# Video card questions for the gurus



## cutra (Nov 24, 2009)

Hey everyone, 
well it's been a year now on my mac pro and I love it. 
I have a 8 core 2.8 intel Xeon mac pro with the ATI Radeon 2600HDXT video card in it. 
It has 256mb of ram on it. 
As you can see from my picture it looks pretty good on my 30 cinema monitor. I run it at 2048x1280 all day long and it's good...









First question:
I was wondering should I upgrade it to something of the next level?
Or should I get myself another one if I can find one cheap somewhere.
What do you guys think?

Second question:
I might be getting this other video card that my buddy is going to give me as he owes me some money. it's a Nvidia Asus ENGTS250 Here is a link to it. Can I even use that in my mac?
Is it worth it or should i pass?
ASUS ENGTS250 DK Geforce GTS 250 Videocard Review - PCSTATS.com

Help...


----------



## broad (Jun 2, 2009)

your video card isnt going to change how "things look on your monitor" in the way that any photo can demonstrate. a more powerful video card will allow for many things, higher graphics settings on games, better performance in any 3d app or photoshop, aperture etc (although those apps will have varying degrees of increase based on what you are doing)

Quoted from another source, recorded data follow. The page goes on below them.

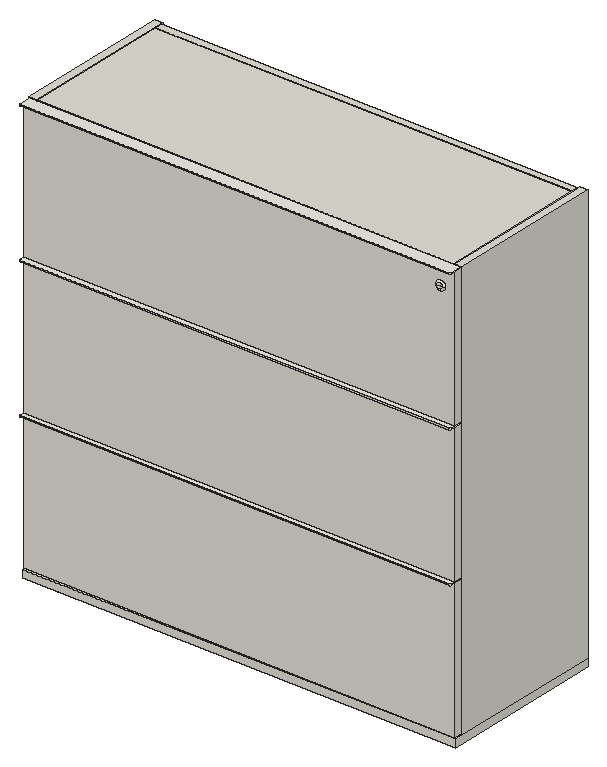
Revit family "Haworth_BeHold_Modular_AttachedLateral", category Furniture Systems, Revit 2018
Family settings
  Round Connector Dimension = Use Diameter
  Part Type = Normal
  OmniClass Number = 23.40.70.14.64.21
  OmniClass Title = Systems Furniture
  Work Plane-Based = No
  Always vertical = Yes
  Cut with Voids When Loaded = No
  Shared = No
  Room Calculation Point = No
Parameters (values of type "F/F/F - Inset Back - 42w")
  With Lock = yes
  With Leg = no
  Wing Pull Length = if(Actual Width < 36", 13 1/8", 16 3/4")  # 16 3/4"
  Wing Pull = no
  Width = 42"
  Warranty = "http://www.haworth.com/resources/product-info/warranties"
  URL - Product = "https://www.haworth.com/na/en/products/active-storage/be-hold.html"
  URL = "www.haworth.com"
  Triple Unit Leg = no
  Trim Finish [instance] = Haworth _ Paint _ Smooth Plaster
  Total Drawer Height = Actual Height - Bottom Case Offset - Case Thickness - 1/4"  # 40 1/2"
  Top Thickness = 3/4"  # constant formula
  Top Drawer Height = if(File File, Bottom Drawer Height, Middle Drawer Height)  # 13.41667"
  Top Drawer Control = not(or(Open with File, Open with Box File))  # yes
  Top Case Front Offset = if(or(Open with File, Open with Box File), 2 1/4", 0")  # 0"
  Top Case Back Control = if(Proud Style, 0", 3/16")  # 3/16"
  Sustainability Info = "https://www.haworth.com/company-info/sustainability"
  Standard Storage Height = if(or(Box File, Open with File), 22", if(or(Box Box File, File File, Open with Box File), 28", 42"))  # 42"
  Size = "Verify Final Dim. w/ Haworth"  # constant formula
  Single Unit Leg = not(or(Double Unit Leg, Triple Unit Leg))  # yes
  Side Case Back Control = if(Proud Style, Case Thickness, 0")  # 0"
  Shelf Offset = if(Open with File, 1/8" + Bottom Drawer Height + 1/16", 1/4" + Bottom Drawer Height + Middle Drawer Height + 1/16")  # 27.14583"
  Shelf Control = or(Open with File, Open with Box File)  # no
  Revision Number = "1"  # constant formula
  Pull Finish [instance] = Haworth _ Paint _ Smooth Plaster
  Proud Style = not(Inset Style)  # no
  Open with File = no
  Open with Box File = no
  Model = "Haworth Be_Hold"  # constant formula
  Min. Width = 24"  # constant formula
  Min. Height = 22"  # constant formula
  Min. Depth = 16"  # constant formula
  Middle Drawer Height = if(File File, (Total Drawer Height - Distance Between Drawer) / 2, if(or(Box File, Open with File, File File File), (Total Drawer Height - Distance Between Drawer) / 3, (Total Drawer Height - Distance Between Drawer) / 4))  # 13.41667"
  Mid Drawer Lock Control = and(With Lock, Open with Box File)  # no
  Leg Height = 6"  # constant formula
  Leg Finish [instance] = Haworth _ Paint _ Sky Blue
  Glide Control = not(or(Actual Single Leg Control, [Actual D/T Leg Control]))  # yes
  File File File = not(or(Box File, Box Box File, File File, Open with File, Open with Box File))  # yes
  Double Unit Leg = no
  Bottom Drawer Offset = Bottom Case Offset + Case Thickness + 1/8"  # 1 3/8"
  Bottom Drawer Lock Control = and(With Lock, Open with File)  # no
  Bottom Drawer Height = if(or(Box File, Open with File), ((Total Drawer Height - Distance Between Drawer) * 2 / 3), if(File File File, ((Total Drawer Height - Distance Between Drawer) / 3), (Total Drawer Height - Distance Between Drawer) / 2))  # 13.41667"
  Middle Drawer Control = not(or(Box File, Open with File, File File))  # yes
  Max. Width = 42"  # constant formula
  Max. Depth = 16"  # constant formula
  Max. Height = 42"  # constant formula
  Manufacturer = "Haworth"  # constant formula
  Linear Pull Length = 8"  # constant formula
  Linear Pull = no
  Inset Style = yes
  Glide Finish = Haworth _ Polymer _ Slate
  Front Finish [instance] = Haworth _ Laminate _ Beige H-34
  Front Edge Finish [instance] = Haworth _ Laminate _ Beige H-34
  File File = no
  Drawer Width = Actual Width - 1/8"  # 41 7/8"
  Distance Between Drawer = if(or(Box File, File File, Open with File), 1/8", 1/4")  # 1/4"
  Description = "Haworth - Be_Hold - Lateral"  # constant formula
  Custom Size = not(or(Width = 24", Width = 30", Width = 36", Width = 42"))  # no
  Cresent Pull = no
  Classic Pull Length = 6 3/4"  # constant formula
  Classic Pull = no
  Case Thickness = 3/4"  # constant formula
  Case Finish [instance] = Haworth _ Laminate _ Beige H-34
  Case Edge Finish [instance] = Haworth _ Laminate _ Beige H-34
  Box File = no
  Box Box File = no
  Bottom Case Offset = if(or(Actual Single Leg Control, [Actual D/T Leg Control]), Leg Height, 1/2")  # 1/2"
  Blade Pull Length = Drawer Width - 1/16"  # 41 13/16"
  Blade Pull = not(or(Cresent Pull, Linear Pull, Classic Pull, Wing Pull))  # yes
  Back Case Side Control = if(Proud Style, 0", Case Thickness)  # 3/4"
  Back Case Back Control = if(Proud Style, 0", 3/16")  # 3/16"
  Author = "Haworth (Alias)"  # constant formula
  Assembly Code = "E2020200"
  Actual Width = if(Width > Max. Width, Max. Width, if(Width < Min. Width, Min. Width, Width))  # 42"
  Actual Single Leg Control = and(With Leg, Single Unit Leg, not(File File File))  # no
  Actual Height = if(or(Actual Single Leg Control, [Actual D/T Leg Control]), Standard Storage Height + Leg Height, Standard Storage Height)  # 42"
  Actual Depth = 16"  # constant formula
  Standard Widths = "24, 30, 36, 42 in."  # constant formula
  Actual D/T Leg Control = and(With Leg, or(Double Unit Leg, Triple Unit Leg), not(File File File))  # no
  16 Deep Leg = Actual Depth = 16"  # yes
Types (8): name | With Leg | Total Drawer Height | Top Drawer Height | Top Drawer Control | Top Case Front Offset | Top Case Back Control | Standard Storage Height | Side Case Back Control | Shelf Offset | Shelf Control | Proud Style | Open with File | Open with Box File | Middle Drawer Height | Mid Drawer Lock Control | Glide Control | File File File | Bottom Drawer Offset | Bottom Drawer Lock Control | Bottom Drawer Height | Middle Drawer Control | Inset Style | File File | Distance Between Drawer | Box File | Box Box File | Bottom Case Offset | Back Case Side Control | Back Case Back Control | Actual Single Leg Control | Actual Height
  B/B/F - Proud Back - 42w | no | 26 1/2" | 6 9/16" | yes | 0" | 0" | 28" | 3/4" | 20" | no | yes | no | no | 6 9/16" | no | yes | no | 1 3/8" | no | 13 1/8" | yes | no | no | 1/4" | no | yes | 1/2" | 0" | 0" | no | 28"
  B/F - Inset Back - 42w | no | 20 1/2" | 6.79167" | yes | 0" | 3/16" | 22" | 0" | 20 11/16" | no | no | no | no | 6.79167" | no | yes | no | 1 3/8" | no | 13.58333" | no | yes | no | 1/8" | yes | no | 1/2" | 3/4" | 3/16" | no | 22"
  O/F - Inset Back - 42w | no | 20 1/2" | 6.79167" | no | 2 1/4" | 3/16" | 22" | 0" | 13.77083" | yes | no | yes | no | 6.79167" | no | yes | no | 1 3/8" | yes | 13.58333" | no | yes | no | 1/8" | no | no | 1/2" | 3/4" | 3/16" | no | 22"
  O/B/F - Proud Back - 42w | no | 26 1/2" | 6 9/16" | no | 2 1/4" | 0" | 28" | 3/4" | 20" | yes | yes | no | yes | 6 9/16" | yes | yes | no | 1 3/8" | no | 13 1/8" | yes | no | no | 1/4" | no | no | 1/2" | 0" | 0" | no | 28"
  F/F - Proud Back - 42w | no | 26 1/2" | 13 3/16" | yes | 0" | 0" | 28" | 3/4" | 26 11/16" | no | yes | no | no | 13 3/16" | no | yes | no | 1 3/8" | no | 13 3/16" | no | no | yes | 1/8" | no | no | 1/2" | 0" | 0" | no | 28"
  F/F/F - Inset Back - 42w | no | 40 1/2" | 13.41667" | yes | 0" | 3/16" | 42" | 0" | 27.14583" | no | no | no | no | 13.41667" | no | yes | yes | 1 3/8" | no | 13.41667" | yes | yes | no | 1/4" | no | no | 1/2" | 3/4" | 3/16" | no | 42"
  O/F - Inset Back - 42w - With Leg | yes | 21" | 6.95833" | no | 2 1/4" | 3/16" | 22" | 0" | 14.10417" | yes | no | yes | no | 6.95833" | no | no | no | 6 7/8" | yes | 13.91667" | no | yes | no | 1/8" | no | no | 6" | 3/4" | 3/16" | yes | 28"
  B/B/F - Proud Back - 42w - With Leg | yes | 27" | 6 11/16" | yes | 0" | 0" | 28" | 3/4" | 20 3/8" | no | yes | no | no | 6 11/16" | no | no | no | 6 7/8" | no | 13 3/8" | yes | no | no | 1/4" | no | yes | 6" | 0" | 0" | yes | 34"
Reference planes (in)
  plane 1: z = 0
  plane 2 "Center L/R": x = -6.17556
  plane 3 "Center F/B": y = -11.5
  plane 4 "Top": z = 42
  plane 5 "Back": y = -3.5
  plane 6 "Front": y = -19.5
  plane 7 "Right": x = 14.82444
  plane 8 "Left": x = -27.17556
  plane 9 "Case Inside Left": x = -26.42556
  plane 10 "Case Inside Right": x = 14.07444
  plane 11 "Case Inside Back": y = -4.25
  plane 12 "Case Bottom": z = 0.5
  plane 13 "Case Inside Front": y = -18.75
  plane 14 "Inside Case Bottom": z = 1.25
  plane 15 "Inside Case Top": z = 41.25
  plane 16 "Top of Top Drawer": z = 41.875
  plane 17 "Bottom of Bottom Drawer": z = 1.375
  plane 18 "Top of Shelf 1": z = 28.39583
  plane 19 "Bottom of Shelf 1": z = 27.64583
Forms (in)
  Sweep 1, solid, material "Haworth _ Polymer _ Slate" <- "Glide Finish", visible <- "Glide Control"
    path origin (-26.42556, 0, 0) x (0, 1, 0) y (0, 0, 1)
      loop
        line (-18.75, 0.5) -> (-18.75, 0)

adding a better video card isnt going to "make things look better" in the way that buying a more expensive TV would or something along those lines..

what apps do you use the most, and what kind of stuff do you do in them?


----------



## cutra (Nov 24, 2009)

broad said:


> your video card isnt going to change how "things look on your monitor" in the way that any photo can demonstrate. a more powerful video card will allow for many things, higher graphics settings on games, better performance in any 3d app or photoshop, aperture etc (although those apps will have varying degrees of increase based on what you are doing)
> 
> adding a better video card isnt going to "make things look better" in the way that buying a more expensive TV would or something along those lines..
> 
> what apps do you use the most, and what kind of stuff do you do in them?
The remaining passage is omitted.